On April 28, 2007, a group of investors (the “Investors”) made up of Assicurazioni Generali S.p.A. (“Generali”), Sintonia S.A., Intesa Sanpaolo S.p.A. (“Intesa Sanpaolo”), Mediobanca S.p.A. (“Mediobanca” and, together with Generali, Sintonia S.A. and Intesa Sanpaolo, the “Italian Investors”) and Telefonica S.A., the Spanish-based telecommunications operator (“Telefonica”), entered into a co-investment agreement (the “Co-Investment Agreement”) to establish the terms and conditions for their participation in Centotrenta 4/6 S.r.l., an Italian company with registered office at Galleria del Corso 2, Milan, Italy, fiscal code n. 05277610969 to be subsequently transformed and renamed as Telco S.p.A. (“Telco”), an Italian corporation through which they intend to purchase the entire share capital of Olimpia S.p.A. (“Olimpia”), which currently holds approximately 18% of the ordinary share capital of Telecom Italia S.p.A. (“Telecom Italia”), from Pirelli & C. S.p.A. (“Pirelli”) and Sintonia S.p.A. and Sintonia S.A. (together, “Sintonia”).

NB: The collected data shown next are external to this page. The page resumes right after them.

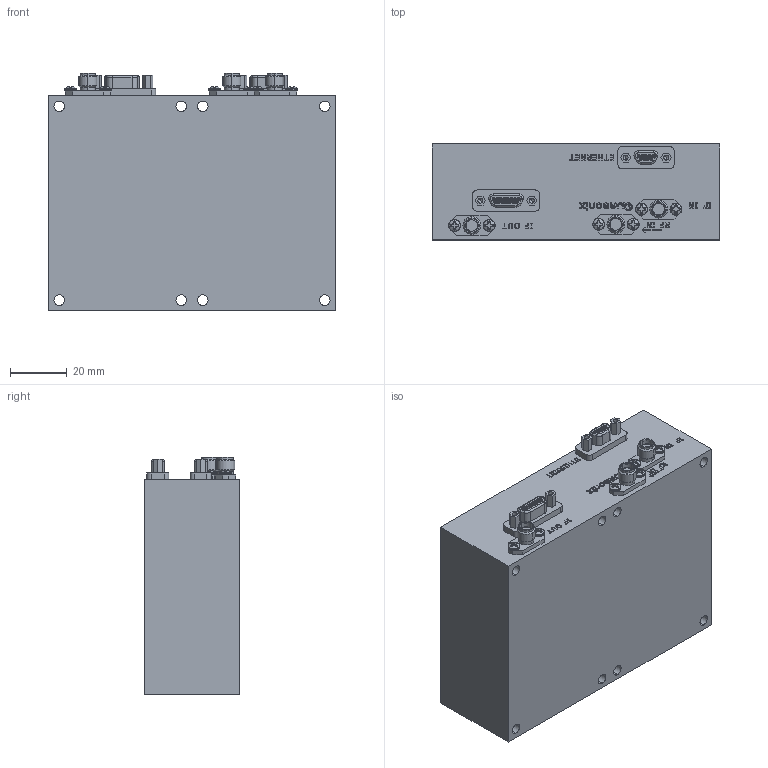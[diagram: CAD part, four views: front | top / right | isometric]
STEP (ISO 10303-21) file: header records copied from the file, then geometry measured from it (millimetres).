
FILE_DESCRIPTION (( 'STEP AP214' ), '1' );
FILE_NAME ('QS-RX-AB1A15EN.STEP', '2017-03-03T15:45:43', ( '' ), ( '' ), 'SwSTEP 2.0', 'SolidWorks 2016', '' );
FILE_SCHEMA (( 'AUTOMOTIVE_DESIGN' ));
Length unit declared in the file: inch
Products named in the file (1): QS-RX-AB1A15EN
Bounding box: 101.6 x 33.87 x 84.14 mm (x, y, z)
Volume: 261612.2 mm3; surface area: 34748.6 mm2
Topology: 16 solids, 16 shells, 1454 faces, 3765 edges, 2484 vertices
Faces by surface type: plane 764, cylinder 388, bspline 200, cone 56, torus 34, sphere 12
Entity records: 70808 total; most frequent: CARTESIAN_POINT 17036, ORIENTED_EDGE 7514, DIRECTION 6579, EDGE_CURVE 3757, VERTEX_POINT 2484, VECTOR 2261, LINE 2261, AXIS2_PLACEMENT_3D 2159
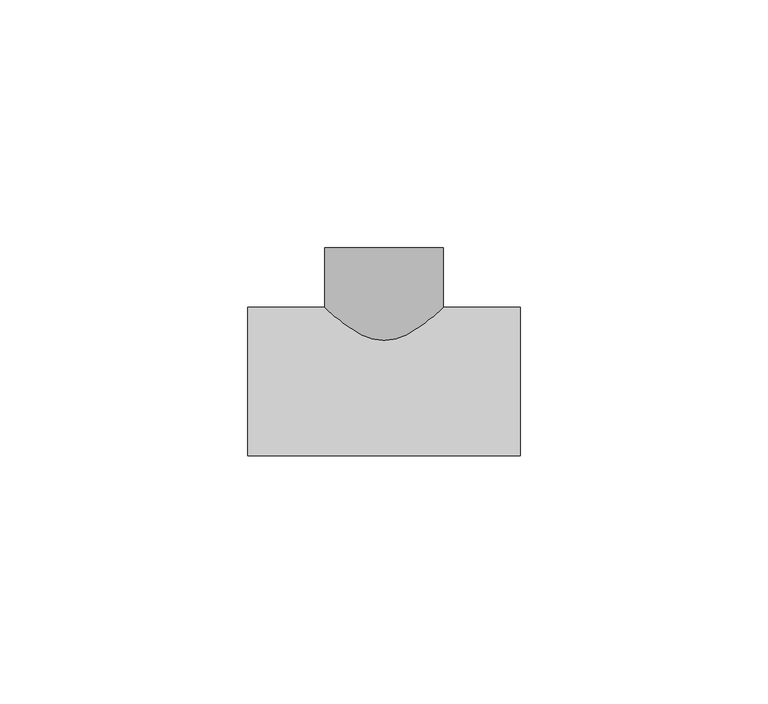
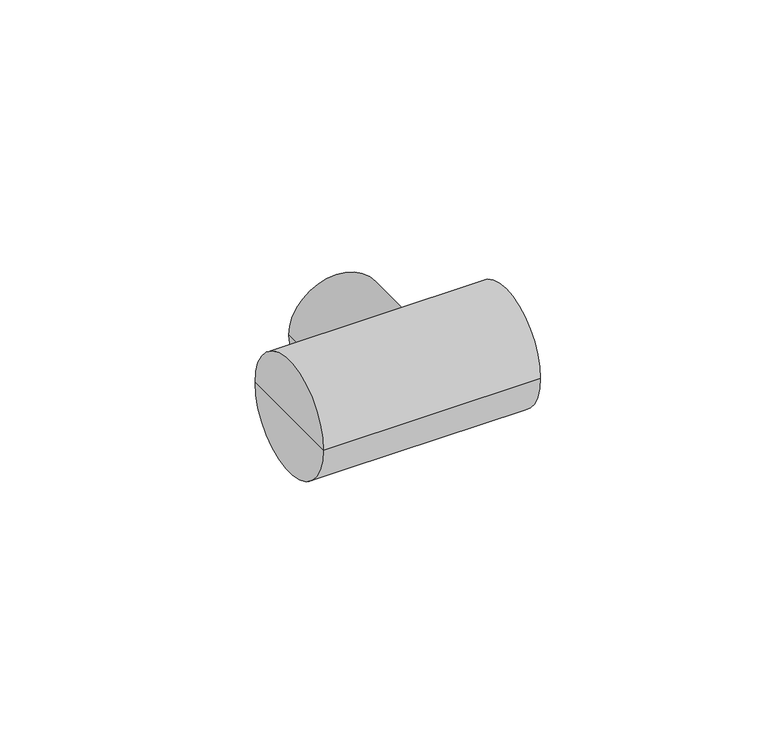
"""IFC4 building model written with IfcOpenShell, lengths in millimetres: pipe fitting geometry, KAN-therm PP trojnik redukcyjny : KAN-therm PP trojnik redukcyjny."""

from ifc_helpers import new_model, si_unit, frame, origin, place, context, project, spatial, circle_curve, source, transform, mapped, element, save
from ifc_brep_helpers import plane_surface, cylinder_surface, advanced_brep


def pipe_fitting_0102d526(model_context):
    return source(origin(), model_context, "Body", "AdvancedBrep", [
        advanced_brep(
        [(-12.0, 27.0, 0.0), (12.0, 27.0, 0.0), (12.0, 0.0, 0.0), (-12.0, 0.0, 0.0), (0.0, 27.0, 0.0), (0.0, 0.0, 0.0)],
        [
            (0, 1, circle_curve(frame((0.0, 27.0, 0.0), z_axis=(0.0, -1.0, 0.0), x_axis=(1.0, 0.0, 0.0)), 12.0)),
            (1, 2),
            (2, 3, circle_curve(frame((0.0, 0.0, 0.0), z_axis=(0.0, 1.0, 0.0), x_axis=(1.0, 0.0, 0.0)), 12.0)),
            (3, 0),
            (1, 0, circle_curve(frame((0.0, 27.0, 0.0), z_axis=(0.0, -1.0, 0.0), x_axis=(1.0, 0.0, 0.0)), 12.0)),
            (3, 2, circle_curve(frame((0.0, 0.0, 0.0), z_axis=(0.0, 1.0, 0.0), x_axis=(1.0, 0.0, 0.0)), 12.0)),
            (4, 1),
            (0, 4),
            (2, 5),
            (5, 3),
        ],
        [
            cylinder_surface(frame((0.0, 2000.0, 0.0), z_axis=(0.0, 1.0, 0.0), x_axis=(1.0, 0.0, 0.0)), 12.0),
            plane_surface(frame((0.0, 27.0, 0.0), z_axis=(0.0, 1.0, 0.0), x_axis=(1.0, 0.0, 0.0))),
            plane_surface(frame((0.0, 0.0, 0.0), z_axis=(0.0, -1.0, 0.0), x_axis=(1.0, 0.0, 0.0))),
        ],
        [
            (0, [[1, 2, 3, 4]]),
            (0, [[5, -4, 6, -2]]),
            (1, [[7, -1, 8]]),
            (1, [[-8, -5, -7]]),
            (2, [[-3, 9, 10]]),
            (2, [[-6, -10, -9]]),
        ],
    ),
        advanced_brep(
        [(27.5, 0.0, 0.0), (27.5, -15.0, 0.0), (27.5, 15.0, 0.0), (-27.5, 15.0, 0.0), (-27.5, -15.0, 0.0), (-27.5, 0.0, 0.0)],
        [
            (0, 1),
            (1, 2, circle_curve(frame((27.5, 0.0, 0.0), z_axis=(1.0, 0.0, 0.0), x_axis=(0.0, -1.0, 0.0)), 15.0)),
            (2, 0),
            (2, 1, circle_curve(frame((27.5, 0.0, 0.0), z_axis=(1.0, 0.0, 0.0), x_axis=(0.0, -1.0, 0.0)), 15.0)),
            (3, 4, circle_curve(frame((-27.5, 0.0, 0.0), z_axis=(-1.0, 0.0, 0.0), x_axis=(0.0, -1.0, 0.0)), 15.0)),
            (4, 5),
            (5, 3),
            (4, 3, circle_curve(frame((-27.5, 0.0, 0.0), z_axis=(-1.0, 0.0, 0.0), x_axis=(0.0, -1.0, 0.0)), 15.0)),
            (1, 4),
            (3, 2),
        ],
        [
            plane_surface(frame((27.5, 0.0, 0.0), z_axis=(1.0, 0.0, 0.0), x_axis=(0.0, -1.0, 0.0))),
            plane_surface(frame((-27.5, 0.0, 0.0), z_axis=(-1.0, 0.0, 0.0), x_axis=(0.0, -1.0, 0.0))),
            cylinder_surface(frame((2000.0, 0.0, 0.0), z_axis=(1.0, 0.0, 0.0), x_axis=(0.0, -1.0, 0.0)), 15.0),
        ],
        [
            (0, [[1, 2, 3]]),
            (0, [[-3, 4, -1]]),
            (1, [[5, 6, 7]]),
            (1, [[8, -7, -6]]),
            (2, [[-2, 9, -5, 10]]),
            (2, [[-4, -10, -8, -9]]),
        ],
    ),
    ])


if __name__ == "__main__":
    model = new_model("IFC4")
    model_context = context("Model", 3, world=origin())
    ifc_project = project(units=[si_unit("LENGTHUNIT", "METRE", prefix="MILLI")], contexts=[model_context])
    site = spatial("IfcSite", under=ifc_project)
    building = spatial("IfcBuilding", under=site)
    placement = place(None, origin())
    pipe_fitting_shape = pipe_fitting_0102d526(model_context)
    element("IfcPipeFitting", 1, ObjectType="KAN-therm PP trojnik redukcyjny : KAN-therm PP trojnik redukcyjny", at=placement, inside=building, context=model_context, shape_type="MappedRepresentation", body=[
        mapped(pipe_fitting_shape, transform((0.0, 0.0, 0.0), x_axis=(1.0, 0.0, 0.0), y_axis=(0.0, 1.0, 0.0), z_axis=(0.0, 0.0, 1.0))),
    ])
    save(model, "model.ifc")
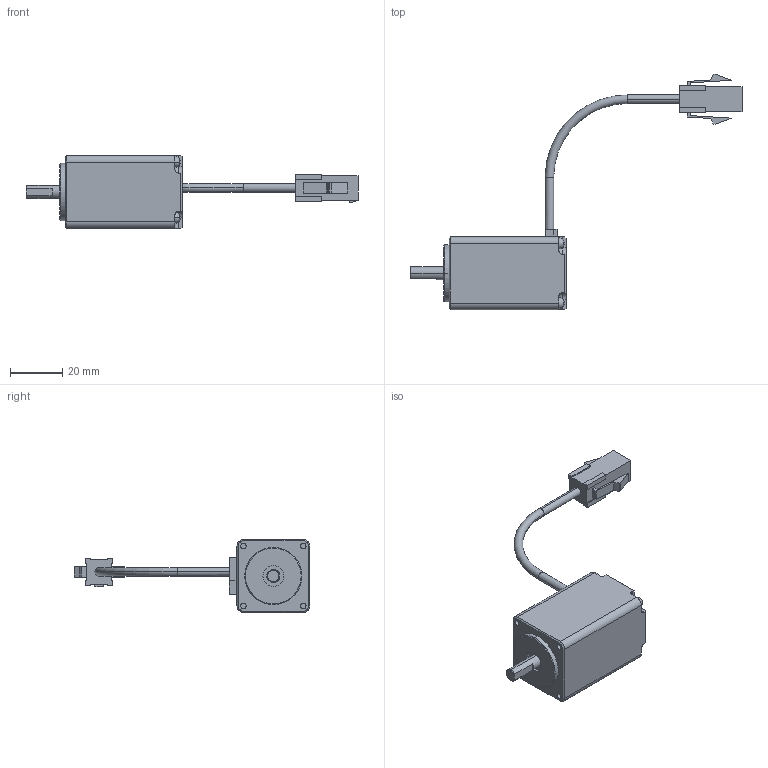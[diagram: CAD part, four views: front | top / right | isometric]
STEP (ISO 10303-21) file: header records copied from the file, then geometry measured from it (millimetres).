
FILE_DESCRIPTION (( 'STEP AP203' ), '1' );
FILE_NAME ('P21-MO-028-02-R01.STEP', '2015-06-30T01:46:24', ( '' ), ( '' ), 'SwSTEP 2.0', 'SolidWorks 2013', '' );
FILE_SCHEMA (( 'CONFIG_CONTROL_DESIGN' ));
Length unit declared in the file: millimetre
Products named in the file (3): M21-MO-028-02-R01; Power_Cable_ル遽; P21-MO-028-02-R01
Assembly tree (2 placements, depth 2):
  P21-MO-028-02-R01
    M21-MO-028-02-R01
    Power_Cable_ル遽
Bounding box: 127.58 x 90.51 x 28 mm (x, y, z)
Volume: 38314.1 mm3; surface area: 10519.8 mm2
Topology: 2 solids, 2 shells, 254 faces, 671 edges, 436 vertices
Faces by surface type: plane 173, cylinder 58, cone 9, sphere 8, torus 6
Entity records: 8171 total; most frequent: CARTESIAN_POINT 1513, DIRECTION 1348, ORIENTED_EDGE 1314, EDGE_CURVE 657, AXIS2_PLACEMENT_3D 452, VECTOR 444, LINE 444, VERTEX_POINT 429
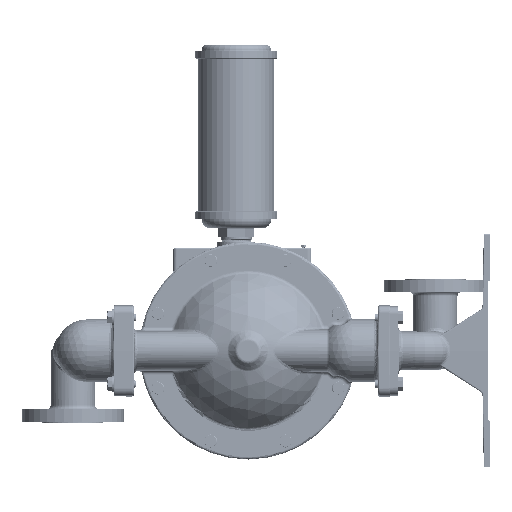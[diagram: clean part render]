
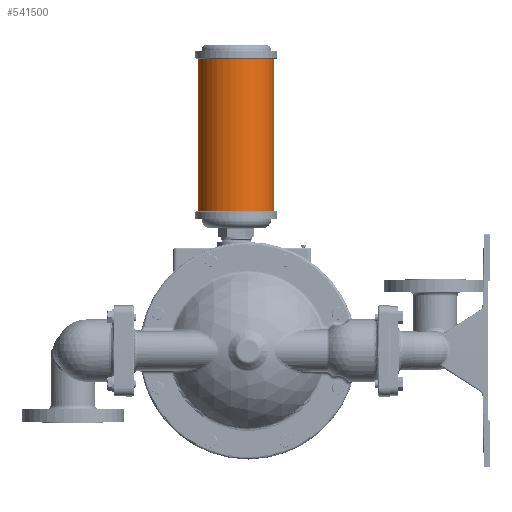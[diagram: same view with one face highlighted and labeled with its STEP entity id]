
A CAD part, left-side view. The second image highlights one B-rep face of the part: STEP entity #541500.
In plain terms, the highlighted cylindrical face has radius 61.722 mm (diameter 123.444 mm), a partial arc.
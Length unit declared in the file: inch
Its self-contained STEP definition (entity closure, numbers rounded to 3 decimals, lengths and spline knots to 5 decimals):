
#18313 = DIRECTION ( 'NONE',  ( 0., 0., 1. ) ) ;
#46644 = AXIS2_PLACEMENT_3D ( 'NONE', #305474, #172974, #499575 ) ;
#56564 = CARTESIAN_POINT ( 'NONE',  ( 0., -1.68, 18.685 ) ) ;
#62852 = CIRCLE ( 'NONE', #229887, 2.43 ) ;
#68448 = ORIENTED_EDGE ( 'NONE', *, *, #558541, .T. ) ;
#85934 = ORIENTED_EDGE ( 'NONE', *, *, #336255, .F. ) ;
#110700 = DIRECTION ( 'NONE',  ( 0., 1., 0. ) ) ;
#126858 = LINE ( 'NONE', #323855, #439744 ) ;
#126981 = VECTOR ( 'NONE', #131865, 39.37008 ) ;
#131865 = DIRECTION ( 'NONE',  ( 0., 0., 1. ) ) ;
#134815 = EDGE_LOOP ( 'NONE', ( #459981, #68448, #85934, #463058 ) ) ;
#144391 = CIRCLE ( 'NONE', #370834, 2.43 ) ;
#145052 = CARTESIAN_POINT ( 'NONE',  ( 0., 3.18, 18.685 ) ) ;
#172974 = DIRECTION ( 'NONE',  ( 0., 0., -1. ) ) ;
#175071 = VERTEX_POINT ( 'NONE', #374259 ) ;
#176003 = FACE_OUTER_BOUND ( 'NONE', #134815, .T. ) ;
#200652 = EDGE_CURVE ( 'NONE', #175071, #224613, #144391, .T. ) ;
#207565 = DIRECTION ( 'NONE',  ( 0., 0., 1. ) ) ;
#224295 = LINE ( 'NONE', #557027, #126981 ) ;
#224613 = VERTEX_POINT ( 'NONE', #365146 ) ;
#229887 = AXIS2_PLACEMENT_3D ( 'NONE', #538879, #18313, #110700 ) ;
#293021 = VERTEX_POINT ( 'NONE', #56564 ) ;
#305474 = CARTESIAN_POINT ( 'NONE',  ( 0., 0.75, 20.1725 ) ) ;
#323855 = CARTESIAN_POINT ( 'NONE',  ( 0., 3.18, 8.905 ) ) ;
#336255 = EDGE_CURVE ( 'NONE', #484080, #293021, #62852, .T. ) ;
#365146 = CARTESIAN_POINT ( 'NONE',  ( 0., -1.68, 8.905 ) ) ;
#370834 = AXIS2_PLACEMENT_3D ( 'NONE', #484916, #207565, #534187 ) ;
#374259 = CARTESIAN_POINT ( 'NONE',  ( 0., 3.18, 8.905 ) ) ;
#439744 = VECTOR ( 'NONE', #511814, 39.37008 ) ;
#459981 = ORIENTED_EDGE ( 'NONE', *, *, #200652, .T. ) ;
#463058 = ORIENTED_EDGE ( 'NONE', *, *, #540211, .F. ) ;
#484080 = VERTEX_POINT ( 'NONE', #145052 ) ;
#484916 = CARTESIAN_POINT ( 'NONE',  ( 0., 0.75, 8.905 ) ) ;
#499575 = DIRECTION ( 'NONE',  ( 0., -1., 0. ) ) ;
#511814 = DIRECTION ( 'NONE',  ( 0., 0., 1. ) ) ;
#534187 = DIRECTION ( 'NONE',  ( 0., 1., 0. ) ) ;
#538879 = CARTESIAN_POINT ( 'NONE',  ( 0., 0.75, 18.685 ) ) ;
#540211 = EDGE_CURVE ( 'NONE', #175071, #484080, #126858, .T. ) ;
#541500 = ADVANCED_FACE ( 'NONE', ( #176003 ), #585959, .T. ) ;
#557027 = CARTESIAN_POINT ( 'NONE',  ( 0., -1.68, 8.905 ) ) ;
#558541 = EDGE_CURVE ( 'NONE', #224613, #293021, #224295, .T. ) ;
#585959 = CYLINDRICAL_SURFACE ( 'NONE', #46644, 2.43 ) ;

The Co-Investment Agreement also covers the capitalization and funding of Telco in connection with the acquisition of Olimpia and the general framework of the investment obligations of each of the Investors. In addition to Telco’s participation in Telecom Italia’s ordinary share capital through its interest in Olimpia, pursuant to the Co-Investment Agreement Generali and Mediobanca will contribute to Telco ordinary shares of Telecom Italia currently owned by them. These shares amount to 5.6% of Telecom Italia’s ordinary share capital, with the individual contributions of Generali and Mediobanca amounting to 4.06% and 1.54%, respectively, of Telecom Italia’s ordinary share capital, bringing Telco’s direct and indirect participation in Telecom Italia’s ordinary share capital to approximately 23.6%. A copy of the Co-Investment Agreement is filed as Exhibit 5.

On April 28, 2007, the Investors also entered into a shareholders agreement (the “Shareholders Agreement”), pursuant to which the Investors set out, among other things, the principles of corporate governance of Telco and Olimpia, respectively, the transfer of Telco’s shares and any Olimpia Shares or Telecom Shares (each as defined below) directly or indirectly owned by Telco and the principles of designation, among the Investors, of candidates to be included in a common list for the appointment of directors of Telecom Italia under the voting list mechanism provided for by Telecom Italia’s by-laws. A copy of the Shareholders Agreement is filed as Exhibit 7.

On May 4, 2007, the Investors entered into a sale and purchase agreement with Pirelli and Sintonia (the “Share Purchase Agreement”) to purchase the entire share capital of Olimpia of euro 4.6 billion divided into 4,630,233,510 ordinary shares (the “Olimpia Shares”). Olimpia in turn owns 2,407,345,359 ordinary voting shares of Telecom Italia (“Telecom Shares”), or approximately 18% of the ordinary share capital of Telecom Italia.

Items 3, 4, 5, 6 and 7 of the Statement on Schedule 13D are hereby amended and supplemented to add the following:

Item 3. Source and Amount of Funds or Other Considerations.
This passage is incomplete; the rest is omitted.